O resultado: há cerca de 2 milhões de mortes por câncer menos do que seria de esperar se as taxas de mortalidade por câncer tinha permanecido no seu auge.

Nem todos se beneficiaram igualmente, no entanto. Siegel observou que embora os homens sejam ainda mais prováveis ​​ser diagnosticados com e morrer do cancro comparado às mulheres, o risco total dos homens para desenvolver um cancro caiu, quando a taxa para mulheres for inalterada.

A diminuição das taxas de mortalidade por câncer entre os homens “é devido a grandes quedas nos três principais tipos de câncer – próstata, pulmão e colorretal – que representam mais de 40% dos cânceres diagnosticados em homens”, explicou.

Em contraste, as taxas para os dois tipos de câncer que representam quase 40% de todos os casos entre as mulheres – câncer de mama e útero (endométrio) – permaneceram estáveis. Além disso, a incidência de câncer de tireóide entre as mulheres aumentou quase 5 por cento ao ano, enquanto câncer de pulmão caiu apenas metade tão rápido em mulheres como em homens.

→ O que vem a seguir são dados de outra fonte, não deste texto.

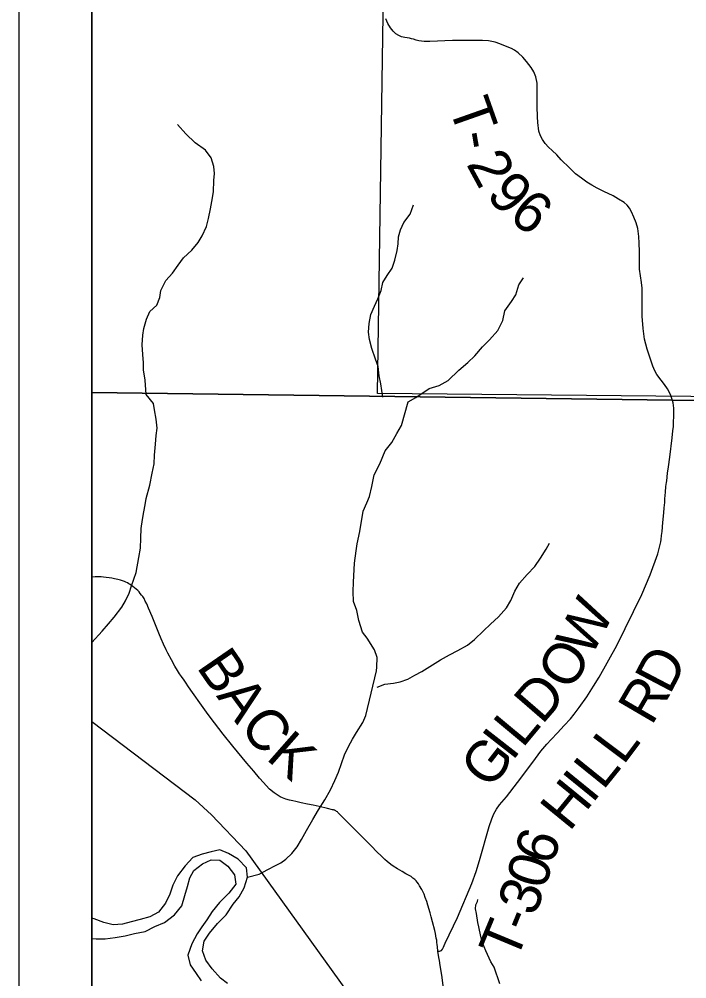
# Model space of a CAD drawing. Extents: x 0 to 34, y -8.9 to 22.
# Drawn here: x 23.617 to 24.538, y 18.53 to 19.856 of the extents above; entities that cross this region are included whole.
import ezdxf

# ---------------------------------------------------------------- set-up
doc = ezdxf.new("R2010")
doc.units = 0
for name, color, linetype in [('GM_X_Corporation', 7, 'Continuous'), ('GM_X_Major_River', 7, 'Continuous'), ('GM_X_Minor_River', 7, 'Continuous'), ('GM_X_Rail_Line', 7, 'Continuous'), ('GM_X_Township_Road', 7, 'Continuous'), ('GM_X_Township_Road_Text', 7, 'Continuous'), ('SH_Data', 7, 'Continuous')]:
    doc.layers.add(name, color=color, linetype=linetype)

msp = doc.modelspace()

# ---------------------------------------------------------------- linework, layer by layer
at = {"layer": 'GM_X_Corporation'}
for points in [[(30.5167, 21.4), (23.7167, 21.4), (23.7167, 19.34), (24.5181, 19.3295), (25.0504, 19.3237), (25.1066, 19.3232), (25.1068, 18.8675), (25.1136, 18.8385), (25.1229, 18.6966), (25.125, 18.6354), (25.1216, 18.6194), (25.1124, 18.5932), (25.1045, 18.3117), (25.2083, 18.3108), (25.7381, 18.312), (26.1399, 18.3037), (26.1391, 17.8847), (26.1361, 17.3278)], [(23.7167, 21.3241), (23.7167, 19.34), (24.5181, 19.3295), (25.0504, 19.3237), (25.1066, 19.3232), (25.1068, 18.8675), (25.1136, 18.8385), (25.1229, 18.6966), (25.125, 18.6354), (25.1216, 18.6194), (25.1124, 18.5932), (25.1045, 18.3117), (25.2083, 18.3108), (25.7381, 18.312), (26.1399, 18.3037), (26.1391, 17.8847), (26.1361, 17.3278)], [(26.1361, 17.3278), (26.1391, 17.8847), (26.1399, 18.3037), (25.7381, 18.312), (25.2083, 18.3108), (25.1045, 18.3117), (25.1124, 18.5932), (25.1216, 18.6194), (25.125, 18.6354), (25.1229, 18.6966), (25.1136, 18.8385), (25.1068, 18.8675), (25.1066, 19.3232), (25.0504, 19.3237), (24.5181, 19.3295), (23.7167, 19.34), (23.7167, 14.6)]]:
    msp.add_lwpolyline(points, dxfattribs=at)
for points in [[(25.1285, 20.3218), (25.1197, 19.3292), (24.1109, 19.3387), (24.1258, 20.3236)], [(23.7167, 19.34), (23.7167, 15.9913), (24.0651, 15.9828), (24.2771, 15.9807), (24.8268, 15.964), (25.6785, 15.9418), (25.7922, 15.939), (26.1186, 15.9366), (26.135, 17.3055), (26.1361, 17.3278), (26.1391, 17.8847), (26.1399, 18.3037), (25.7381, 18.312), (25.2083, 18.3108), (25.1045, 18.3117), (25.1124, 18.5932), (25.1216, 18.6194), (25.125, 18.6354), (25.1229, 18.6966), (25.1136, 18.8385), (25.1068, 18.8675), (25.1066, 19.3232), (25.0504, 19.3237), (24.5181, 19.3295)]]:
    msp.add_lwpolyline(points, close=True, dxfattribs=at)
at = {"layer": 'GM_X_Major_River'}
for points in [[(23.9043, 18.5242), (23.8944, 18.5313), (23.8828, 18.544), (23.874, 18.5564), (23.8696, 18.5693), (23.8721, 18.5822), (23.8791, 18.5937), (23.8903, 18.6067), (23.9023, 18.619), (23.9119, 18.6335), (23.9202, 18.6435), (23.9272, 18.6561), (23.9319, 18.671), (23.9302, 18.6835), (23.9187, 18.6958), (23.9057, 18.7036), (23.8935, 18.7084), (23.8814, 18.7056), (23.8693, 18.7024), (23.8565, 18.698), (23.8456, 18.6865), (23.8352, 18.6727), (23.8289, 18.6597), (23.8246, 18.6472), (23.8187, 18.6349), (23.809, 18.6227), (23.7969, 18.6161), (23.7837, 18.6125), (23.7712, 18.6093), (23.7592, 18.6057), (23.7463, 18.6048), (23.7333, 18.6084), (23.72, 18.6131), (23.7167, 18.6144)], [(23.7167, 18.5863), (23.7227, 18.5855), (23.7352, 18.5856), (23.7492, 18.5874), (23.7628, 18.5898), (23.776, 18.593), (23.7904, 18.5959), (23.8039, 18.6029), (23.8171, 18.608), (23.831, 18.6188), (23.8411, 18.6314), (23.8454, 18.6455), (23.8487, 18.6581), (23.8523, 18.6699), (23.8575, 18.6798), (23.8695, 18.6891), (23.8815, 18.6946), (23.8937, 18.6944), (23.9044, 18.6862), (23.9137, 18.6738), (23.9157, 18.6613), (23.9061, 18.6486), (23.893, 18.6359), (23.8829, 18.6233), (23.8755, 18.6118), (23.8688, 18.6022), (23.8621, 18.5927), (23.8547, 18.5789), (23.8496, 18.5629), (23.8524, 18.5497), (23.8609, 18.5377), (23.8679, 18.5275)]]:
    msp.add_lwpolyline(points, dxfattribs=at)
at = {"layer": 'GM_X_Minor_River'}
for points in [[(23.792, 19.3372), (23.7904, 19.3573), (23.7884, 19.3713), (23.788, 19.3808), (23.7872, 19.3925), (23.7863, 19.4058), (23.7874, 19.4191), (23.7888, 19.4285), (23.7922, 19.4411), (23.797, 19.4521), (23.8068, 19.4605), (23.8106, 19.4712), (23.812, 19.481), (23.8191, 19.4947), (23.8282, 19.5047), (23.8361, 19.5157), (23.8436, 19.526), (23.8549, 19.5367), (23.8636, 19.547), (23.8692, 19.5565), (23.8752, 19.5694), (23.8778, 19.5801), (23.8808, 19.5938), (23.8826, 19.6036), (23.8848, 19.6173), (23.8854, 19.6329), (23.8861, 19.6423), (23.8853, 19.6522), (23.8818, 19.6643), (23.8738, 19.6749), (23.8597, 19.6846), (23.8467, 19.6971), (23.8352, 19.7103)], [(24.1186, 19.3336), (24.1159, 19.3522), (24.1135, 19.3631), (24.1119, 19.376), (24.1084, 19.3859), (24.1034, 19.4006), (24.1003, 19.4131), (24.0987, 19.4234), (24.0998, 19.4351), (24.1019, 19.4477), (24.1072, 19.4594), (24.1117, 19.4693), (24.1162, 19.4811), (24.1187, 19.4921), (24.1244, 19.5017), (24.1315, 19.5116), (24.1352, 19.523), (24.1382, 19.5359), (24.1397, 19.5454), (24.14, 19.5549), (24.1429, 19.5647), (24.1474, 19.5746), (24.1561, 19.5864), (24.1609, 19.599)], [(24.1638, 19.3331), (24.1824, 19.3454), (24.196, 19.3496), (24.2085, 19.3566), (24.2232, 19.3707), (24.2357, 19.3814), (24.2455, 19.3906), (24.256, 19.4031), (24.2658, 19.4127), (24.2771, 19.4257), (24.2839, 19.4394), (24.2868, 19.453), (24.2959, 19.4656), (24.3019, 19.4751), (24.306, 19.4888), (24.3127, 19.4983)], [(23.7167, 18.9947), (23.7312, 19.0107), (23.7401, 19.0207), (23.7476, 19.0296), (23.7584, 19.0438), (23.7632, 19.0526), (23.7684, 19.0629), (23.7717, 19.0732), (23.7783, 19.0916), (23.7818, 19.1121), (23.7842, 19.1251), (23.7844, 19.1387), (23.785, 19.1524), (23.7867, 19.1646), (23.7888, 19.1752), (23.7906, 19.1848), (23.792, 19.1935), (23.797, 19.2122), (23.8002, 19.2286), (23.8027, 19.2415), (23.8033, 19.2533), (23.8046, 19.2685), (23.8059, 19.2807), (23.8069, 19.2909), (23.8056, 19.3034), (23.8035, 19.3159), (23.8022, 19.325), (23.792, 19.3372)], [(24.1311, 19.2711), (24.138, 19.2836), (24.1442, 19.2945), (24.1535, 19.3271), (24.1638, 19.3331)], [(24.1099, 18.9558), (24.1102, 18.961), (24.1108, 18.974), (24.1072, 18.9845), (24.0967, 19.0007), (24.0905, 19.009), (24.0853, 19.0252), (24.0825, 19.0388), (24.0781, 19.0513), (24.0775, 19.0653), (24.0781, 19.0782), (24.0792, 19.1045), (24.0816, 19.1212), (24.083, 19.1311), (24.0869, 19.1482), (24.0915, 19.176), (24.0966, 19.1875), (24.0999, 19.1963), (24.1031, 19.2104), (24.1063, 19.2264), (24.1145, 19.2417), (24.1218, 19.2596), (24.1311, 19.2711)], [(24.1105, 18.9333), (24.1213, 18.9372), (24.133, 18.9387), (24.1426, 18.9403), (24.1529, 18.9441), (24.1627, 18.9499), (24.1723, 18.955), (24.198, 18.9709), (24.2104, 18.9778), (24.2221, 18.9839), (24.2352, 18.9911), (24.2451, 18.9992), (24.2574, 19.011), (24.2669, 19.0202), (24.2779, 19.0302), (24.2891, 19.0428), (24.2953, 19.0529), (24.3008, 19.0657), (24.307, 19.0766), (24.3178, 19.0888), (24.3282, 19.0999), (24.3363, 19.1111), (24.3441, 19.1239), (24.3486, 19.1321)], [(23.9319, 18.671), (23.9479, 18.6748), (23.9596, 18.6814), (23.9705, 18.6869), (23.9777, 18.6908), (23.9848, 18.6958), (23.993, 18.7036), (24.0004, 18.7128), (24.0063, 18.7228), (24.0133, 18.7354), (24.0218, 18.7504), (24.0299, 18.7638), (24.0384, 18.7776), (24.0461, 18.7914), (24.0524, 18.8044), (24.0571, 18.8159), (24.0658, 18.8396), (24.0709, 18.8511), (24.0764, 18.8614), (24.082, 18.8706), (24.0908, 18.8844), (24.0952, 18.894), (24.1099, 18.9558)], [(24.2801, 18.5235), (24.2721, 18.5465), (24.2674, 18.5537), (24.2607, 18.5691), (24.2583, 18.5748), (24.2555, 18.5816), (24.2535, 18.5891), (24.251, 18.6024), (24.2498, 18.6081), (24.2476, 18.6206), (24.2464, 18.627), (24.2467, 18.6327), (24.2489, 18.6373), (24.2496, 18.64)]]:
    msp.add_lwpolyline(points, dxfattribs=at)
at = {"layer": 'GM_X_Rail_Line'}
msp.add_lwpolyline([(23.7167, 18.8857), (23.8593, 18.7777), (23.8822, 18.757), (23.9293, 18.7071), (24.1486, 18.4026)], dxfattribs=at)
at = {"layer": 'GM_X_Township_Road'}
for points in [[(24.1581, 19.8286), (24.1552, 19.8295), (24.1488, 19.8304), (24.1444, 19.8313), (24.1406, 19.8328), (24.1366, 19.8354), (24.1328, 19.8391), (24.1291, 19.8437), (24.1256, 19.8498), (24.1224, 19.856)], [(24.5183, 19.329), (24.5154, 19.3373), (24.5114, 19.345), (24.5071, 19.3513), (24.5028, 19.3571), (24.4968, 19.3649), (24.4938, 19.37), (24.491, 19.3766), (24.4834, 19.3999), (24.4795, 19.4135), (24.4776, 19.4284), (24.4763, 19.4453), (24.4764, 19.4673), (24.4764, 19.484), (24.4756, 19.4921), (24.4729, 19.5103), (24.4727, 19.5349), (24.4722, 19.5461), (24.4716, 19.5554), (24.4703, 19.5667), (24.4679, 19.5744), (24.4647, 19.5822), (24.4615, 19.5897), (24.4589, 19.5948), (24.4559, 19.5985), (24.4514, 19.6022), (24.4439, 19.6069), (24.4364, 19.6114), (24.4237, 19.6175), (24.4145, 19.622), (24.4069, 19.6264), (24.4002, 19.6306), (24.3925, 19.6359), (24.3846, 19.642), (24.3759, 19.6502), (24.3644, 19.6613), (24.3588, 19.6684), (24.352, 19.6742), (24.347, 19.679), (24.3423, 19.6841), (24.3387, 19.6895), (24.336, 19.6944), (24.3338, 19.7008), (24.3324, 19.7129), (24.3318, 19.7206), (24.3316, 19.7352), (24.3313, 19.767), (24.3298, 19.7758), (24.3267, 19.7827), (24.3234, 19.7886), (24.32, 19.793), (24.3166, 19.7973), (24.3118, 19.8032), (24.3052, 19.8091), (24.3002, 19.8127), (24.2959, 19.8149), (24.2901, 19.8174), (24.2801, 19.8214), (24.2734, 19.8236), (24.2687, 19.8248), (24.2643, 19.8255), (24.2559, 19.8262), (24.2453, 19.8262), (24.227, 19.8259), (24.2146, 19.8259), (24.1832, 19.8247), (24.1754, 19.8248), (24.1682, 19.8255), (24.1643, 19.8265), (24.161, 19.8278), (24.1581, 19.8286)], [(24.1946, 18.5684), (24.1969, 18.5684), (24.1995, 18.5694), (24.2007, 18.5714), (24.2021, 18.5743), (24.203, 18.5764), (24.2044, 18.5797), (24.2215, 18.6153), (24.2411, 18.6621), (24.2472, 18.6784), (24.2519, 18.6936), (24.265, 18.7409), (24.2687, 18.7513), (24.2717, 18.7584), (24.2754, 18.7647), (24.2796, 18.7709), (24.289, 18.7817), (24.3042, 18.8013), (24.3253, 18.8297), (24.3367, 18.8448), (24.3447, 18.8545), (24.3508, 18.861), (24.3596, 18.8703), (24.3686, 18.88), (24.3776, 18.8896), (24.3826, 18.8958), (24.3894, 18.9049), (24.3999, 18.9199), (24.4094, 18.9345), (24.4169, 18.947), (24.4412, 18.9906), (24.4761, 19.0613), (24.4875, 19.0885), (24.4978, 19.1174), (24.5022, 19.1337), (24.5025, 19.1371), (24.5031, 19.1425), (24.5038, 19.1482), (24.5048, 19.1606), (24.5061, 19.1741), (24.5069, 19.1808), (24.5075, 19.1882), (24.5078, 19.1931), (24.5085, 19.2023), (24.5092, 19.2103), (24.51, 19.2158), (24.5103, 19.2182), (24.5115, 19.2287), (24.5127, 19.2373), (24.5147, 19.2508), (24.5176, 19.2774), (24.5188, 19.2872), (24.5194, 19.293), (24.5196, 19.2969), (24.5198, 19.3009), (24.52, 19.3055), (24.52, 19.3106), (24.52, 19.3162), (24.5199, 19.3186), (24.5196, 19.322), (24.519, 19.3256), (24.5183, 19.329)], [(24.1946, 18.5684), (24.1939, 18.5745), (24.1936, 18.5776), (24.1932, 18.5806), (24.1928, 18.5837), (24.1923, 18.5867), (24.1912, 18.5928), (24.1902, 18.597), (24.1871, 18.609), (24.1851, 18.6162), (24.1836, 18.6216), (24.1805, 18.6323), (24.179, 18.637), (24.177, 18.6429), (24.1753, 18.6475), (24.1723, 18.6537), (24.1692, 18.659), (24.1676, 18.6616), (24.166, 18.6637), (24.1644, 18.6656), (24.1626, 18.6674), (24.16, 18.6696), (24.1574, 18.6715), (24.1546, 18.6733), (24.1504, 18.6756), (24.145, 18.6786), (24.1385, 18.6823), (24.1328, 18.686), (24.1293, 18.6885), (24.1246, 18.6925), (24.1213, 18.6954), (24.118, 18.6986), (24.1088, 18.7073), (24.104, 18.7122), (24.0906, 18.726), (24.0814, 18.7352), (24.066, 18.7506), (24.0566, 18.76), (24.0557, 18.7609), (24.0547, 18.7617), (24.0538, 18.7623), (24.0529, 18.7628), (24.0521, 18.7631), (24.0512, 18.7634), (24.0503, 18.7636), (24.0492, 18.7639), (24.0423, 18.7655), (24.0308, 18.7683), (24.0224, 18.7702), (24.0144, 18.7718), (24.0059, 18.7736), (23.9986, 18.7751), (23.9944, 18.7761), (23.9896, 18.7772), (23.9848, 18.7786), (23.9802, 18.7803), (23.9768, 18.7819), (23.9725, 18.7843), (23.9685, 18.7872), (23.9623, 18.7925), (23.9575, 18.7974), (23.9537, 18.8015), (23.9484, 18.8075), (23.9403, 18.817), (23.9308, 18.8284), (23.9113, 18.8517), (23.8981, 18.8682), (23.886, 18.8839), (23.8775, 18.8954), (23.8681, 18.9085), (23.8558, 18.9257), (23.8501, 18.9338), (23.8461, 18.9399), (23.8441, 18.9429), (23.8406, 18.948), (23.8381, 18.9516), (23.8351, 18.9563), (23.8316, 18.9622), (23.8267, 18.9708), (23.8218, 18.9802), (23.8196, 18.9846), (23.8159, 18.9925), (23.8128, 18.9999), (23.8095, 19.0079), (23.8, 19.0309), (23.7951, 19.0423), (23.7926, 19.0481), (23.7907, 19.0521), (23.7889, 19.0554), (23.7871, 19.0582), (23.7855, 19.0603), (23.7836, 19.0627), (23.782, 19.0646), (23.7802, 19.0665), (23.778, 19.0685), (23.7758, 19.0705), (23.7737, 19.0721), (23.7717, 19.0736), (23.7696, 19.075), (23.7679, 19.076), (23.7659, 19.0771), (23.7639, 19.0781), (23.7618, 19.079), (23.7593, 19.0798), (23.7566, 19.0807), (23.7529, 19.0818), (23.7507, 19.0823), (23.7482, 19.0829), (23.7447, 19.0836), (23.7409, 19.0842), (23.7368, 19.0847), (23.7328, 19.0852), (23.7298, 19.0854), (23.7264, 19.0855), (23.7217, 19.0854), (23.7174, 19.0849), (23.7167, 19.0847)], [(24.2021, 18.5174), (24.1998, 18.5356), (24.1976, 18.549), (24.1966, 18.5557), (24.1958, 18.5599), (24.1946, 18.5684)]]:
    msp.add_lwpolyline(points, dxfattribs=at)
at = {"layer": 'SH_Data'}
for points in [[(23.6167, 21.5), (30.6167, 21.5), (30.6167, 14.5), (23.6167, 14.5)], [(23.7167, 21.4), (30.5167, 21.4), (30.5167, 14.6), (23.7167, 14.6)]]:
    msp.add_lwpolyline(points, close=True, dxfattribs=at)

# ---------------------------------------------------------------- texts
at = {"layer": 'GM_X_Township_Road_Text'}
for s, rotation, p in [('T', 289.469, (24.2089, 19.7352)), ('-', 279.8371, (24.2224, 19.6975)), ('2', 298.4795, (24.233, 19.6556)), ('9', 313.9436, (24.2595, 19.6114)), ('6', 321.8, (24.2901, 19.5805)), ('W', 62.4239, (24.4054, 18.9725)), ('O', 58.1517, (24.3767, 18.926)), ('B', 304.5377, (23.8604, 18.9611)), ('D', 62.2872, (24.5143, 18.9215)), ('A', 306.3158, (23.8879, 18.921)), ('D', 49.1043, (24.3382, 18.8803)), ('R', 59.6788, (24.4894, 18.8788)), ('C', 308.7513, (23.9192, 18.8787)), ('L', 50.2136, (24.3112, 18.8479)), ('K', 318.6656, (23.9558, 18.8345)), ('I', 52.0216, (24.2971, 18.8299)), ('L', 53.0507, (24.4503, 18.8244)), ('G', 52.2209, (24.2665, 18.7904)), ('L', 51.1093, (24.4223, 18.7897)), ('I', 50.8636, (24.4074, 18.7714)), ('H', 50.8003, (24.3758, 18.7326)), ('6', 71.2014, (24.3519, 18.6853)), ('0', 73.1596, (24.3419, 18.6523)), ('3', 68.8954, (24.3278, 18.6152)), ('-', 67.7199, (24.3185, 18.5925)), ('T', 67.4035, (24.302, 18.5529))]:
    msp.add_text(s, height=0.0568, rotation=rotation, dxfattribs=at).set_placement(p)

doc.saveas('drawing.dxf')

O relatório contém dados compilados pelo Programa Nacional de Registos de Cancro dos EUA, a Associação Norte-Americana de Registos Centrais de Cancro e o Centro Nacional de Estatísticas de Saúde dos EUA. Foi publicado em 5 de janeiro em CA: A Cancer Journal for Clinicians.

Os investigadores descobriram que a taxa de mortalidade por câncer atingiu seu pico em 1991, antes de começar uma queda constante de aproximadamente 1,5 por cento por ano entre homens e mulheres até 2014.

Ao mesmo tempo, os diagnósticos de câncer caíram cerca de 2% ao ano entre os homens, mantendo-se estável entre as mulheres.

Mesmo assim, os homens permanecem 20 por cento mais probabilidades de desenvolver câncer e 40 por cento mais probabilidades de morrer do que as mulheres, os resultados mostraram.

Os pesquisadores disseram que isso é devido a uma maior prevalência de fatores de risco de câncer entre os homens. Por exemplo, os homens bebem e fumam mais do que as mulheres, e esses hábitos provavelmente geram um risco três vezes maior de câncer de fígado entre os homens, em comparação com as mulheres.

Existem também lacunas raciais, embora não tão marcadas como no passado. Embora os homens negros fossem 21 por cento mais probabilidade de morrer de câncer do que os homens brancos em 2014, esse número é uma grande melhoria em 1990, quando os homens negros enfrentaram uma chance 47 por cento maior de morte por câncer.

Da mesma forma, o relatório descobriu que, para as mulheres negras, esses mesmos números caíram de 20% em 1998 para 13% até 2014.

Quanto ao porquê, os autores do estudo sugeriram que o Ato de Cuidados Acessíveis (ACA) – também conhecido como Obamacare – pode ter tido muito a ver com isso, uma vez que a porcentagem de negros americanos que permanecem sem seguro caiu de 21 por cento em 2010 (Antes que o Obamacare fosse passado) a apenas 11 por cento em 2015.

“Esperemos que esse sucesso não seja revertido pela nova administração entrante e pela determinação de muitos legisladores de revogar a ACA”, disse Siegel.

Enquanto isso, o Dr. Tomasz Beer, presidente da pesquisa de câncer de próstata e vice-diretor do Centro de Câncer Knight da Oregon Health and Science University, em Portland, descreveu o relatório como “boa notícia” e “um apelo para ação contínua”.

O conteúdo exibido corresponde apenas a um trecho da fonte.